Distributed environmental sensors (weatherNodes) on utility poles, in people’s clothes, on roofs of buildings, traveling in cars, and linked to satellites are all connected in a global mesh network. No need for an Internet service provider for connectivity. Rather than communicating with a central database, they store their data on a blockchain.13 Many are solar powered and so they don’t need the electrical grid; they can effectively operate indefinitely.
The blockchain handles a few functions. First, it settles payments. As an incentive, each weatherNode receives a micropayment every thirty seconds for providing accurate weather telemetry (temperature, humidity, wind, etc.) at a particular location in the world.
The blockchain also stores all weatherNode transactions. Each weatherNode signs all of its data with its public key stored on the blockchain. A public key identifies the weatherNode and allows other entities to determine its reputation. When the node produces accurate weather data, its reputation is enhanced. If a node is broken or compromised
and produces inaccurate data, it loses status. Nodes with low reputation receive less bitcoin than nodes with high reputation—the beneficiary being the creator of the app—whether an individual, company, or cooperative.
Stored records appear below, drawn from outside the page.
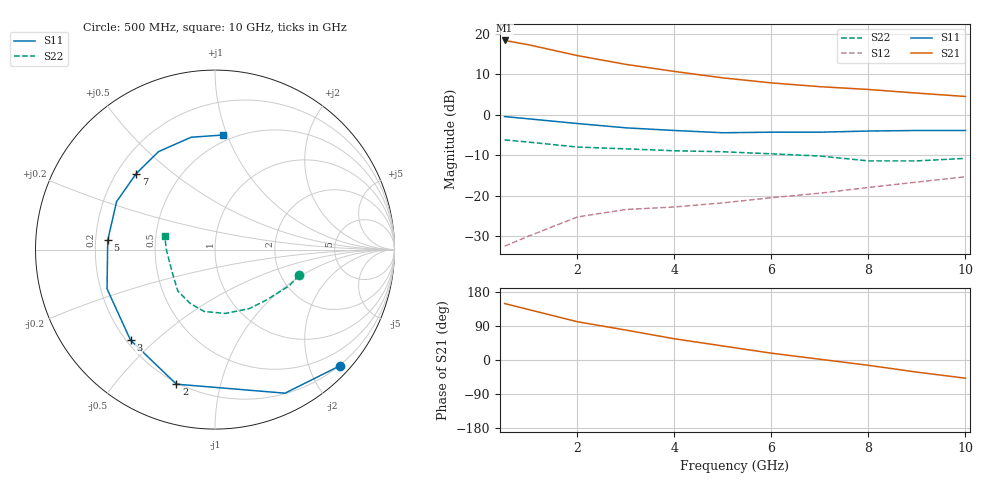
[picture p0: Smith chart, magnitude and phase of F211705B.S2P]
!ATF-21170
!S-PARAMETERS at Vds=5V  Id=80mA.  LAST UPDATED 07-22-92
# ghz s ma r 50
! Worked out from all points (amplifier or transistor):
!   11 points, 500 MHz to 10 GHz, reference 50 ohm
!   highest |S21| = 18.3 dB at 500 MHz (marker M1)
!   |S21| within 3 dB of that: start of sweep to 1.724 GHz
!   unconditionally stable (mu >= 1): 4.277 GHz to 9.245 GHz
!   at 1 GHz: K = 0.38, MSG = 23.6 dB, |S12| = -29.9 dB
!   at 5 GHz: K = 1.11, MAG = 13.4 dB, |S12| = -21.7 dB
!   at 10 GHz: K = 0.96, MSG = 9.9 dB, |S12| = -15.3 dB
!   S11 on the Smith chart (normalised r, x): 500 MHz: 0.19, -2.53; 2 GHz: 0.19, -0.74; 3 GHz: 0.22, -0.42; 5 GHz: 0.25, +0.04; 7 GHz: 0.28, +0.38; 10 GHz: 0.45, +0.97
0.5  0.95 -43.0  8.24 149.0  0.024 67.0  0.49 -17.0
1  0.89 -64.0  7.28 133.0  0.032 59.0  0.46 -26.0
2  0.78 -106.0  5.36 101.0  0.055 44.0  0.4 -45.0
3  0.69 -133.0  4.18 79.0  0.068 34.0  0.38 -60.0
4  0.64 -160.0  3.42 56.0  0.073 31.0  0.36 -81.0
5  0.6 175.0  2.85 37.0  0.082 24.0  0.35 -100.0
6  0.61 154.0  2.47 18.0  0.095 19.0  0.33 -115.0
7  0.61 136.0  2.22 2.0  0.108 12.0  0.31 -132.0
8  0.63 120.0  2.05 -14.0  0.127 7.0  0.27 -152.0
9  0.64 102.0  1.85 -32.0  0.148 0.0  0.27 -179.0
10  0.64 86.0  1.68 -48.0  0.172 -13.0  0.29 165.0
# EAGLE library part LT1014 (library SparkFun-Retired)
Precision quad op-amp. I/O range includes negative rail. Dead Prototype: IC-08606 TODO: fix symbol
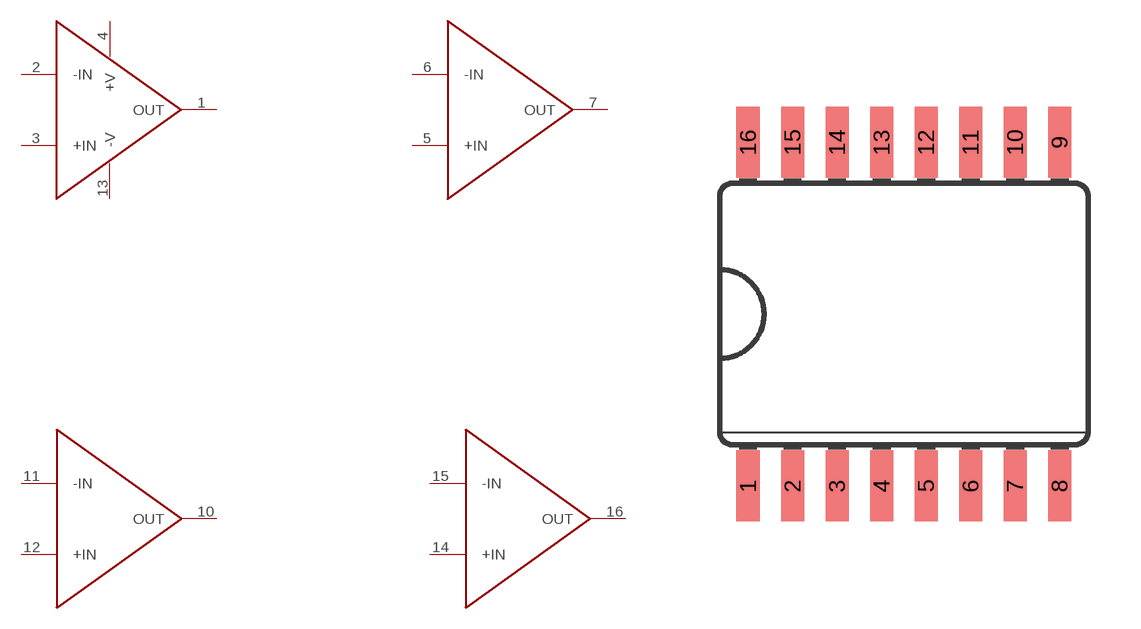
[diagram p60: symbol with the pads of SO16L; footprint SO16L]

Designator prefix -; gates G1=LT1014 G2=LT1014_2 G3=LT1014_2 G4=LT1014_2

## LT1014  [SO16L]
1  G1:OUT  out
2  G1:-IN  in
3  G1:+IN  in
4  G1:+V  pwr
5  G2:+IN  pwr
6  G2:-IN  pwr
7  G2:OUT  pwr
10  G3:OUT  pwr
11  G3:-IN  pwr
12  G3:+IN  pwr
13  G1:-V  pwr
14  G4:+IN  pwr
15  G4:-IN  pwr
16  G4:OUT  pwr

## Footprint SO16L (pad centres in mm)
Small Outline Package .300 SIOC Source: http://www.maxim-ic.com/cgi-bin/packages?pkg=16%2FSOIC%2E300&Type=Max
smd 0.66 x 2.032: 1 -4.445,-4.902; 2 -3.175,-4.902; 3 -1.905,-4.902; 4 -0.635,-4.902; 5 0.635,-4.902; 6 1.905,-4.902; 7 3.175,-4.902; 8 4.445,-4.902; 9 4.445,4.902; 10 3.175,4.902; 11 1.905,4.902; 12 0.635,4.902; 13 -0.635,4.902; 14 -1.905,4.902; 15 -3.175,4.902; 16 -4.445,4.902

The blockchain also allows data providers and data consumers to participate peer to peer on a single, open system, rather than subscribe to dozens of centralized weather services around the world, and program their software to communicate with each of their application programming interfaces (APIs). With smart contracts we can have a global “WeatherDataMarketplace DApp” where consumers bid for data in real time and receive the data in a universally agreed-upon format. Centralized data providers can ditch their proprietary systems and individualized sales efforts, and instead become data providers for the globally accessible WeatherDataMarketplace DApp.
WeatherDApp: Sensors LP
In the first era of the Internet, technical innovation occurred only in the center; centralized utilities like energy companies, cable corporations, and central banks decided when to upgrade the network, when to support new features, and whom to give access. Innovation couldn’t occur at the “edges” (i.e., individuals using the network) because the rules and protocols of closed systems meant that any new technologies designed to interact with the network would need the central power’s permission to operate on it.
But central powers are inefficient because they don’t know exactly what the market wants in real time. They have to make educated guesses that are always less accurate than what real-time markets demand. We end up with WeatherCorp, a centralized service that installs sensors and puts up satellites so that it can sell subscriptions to data that few people may want.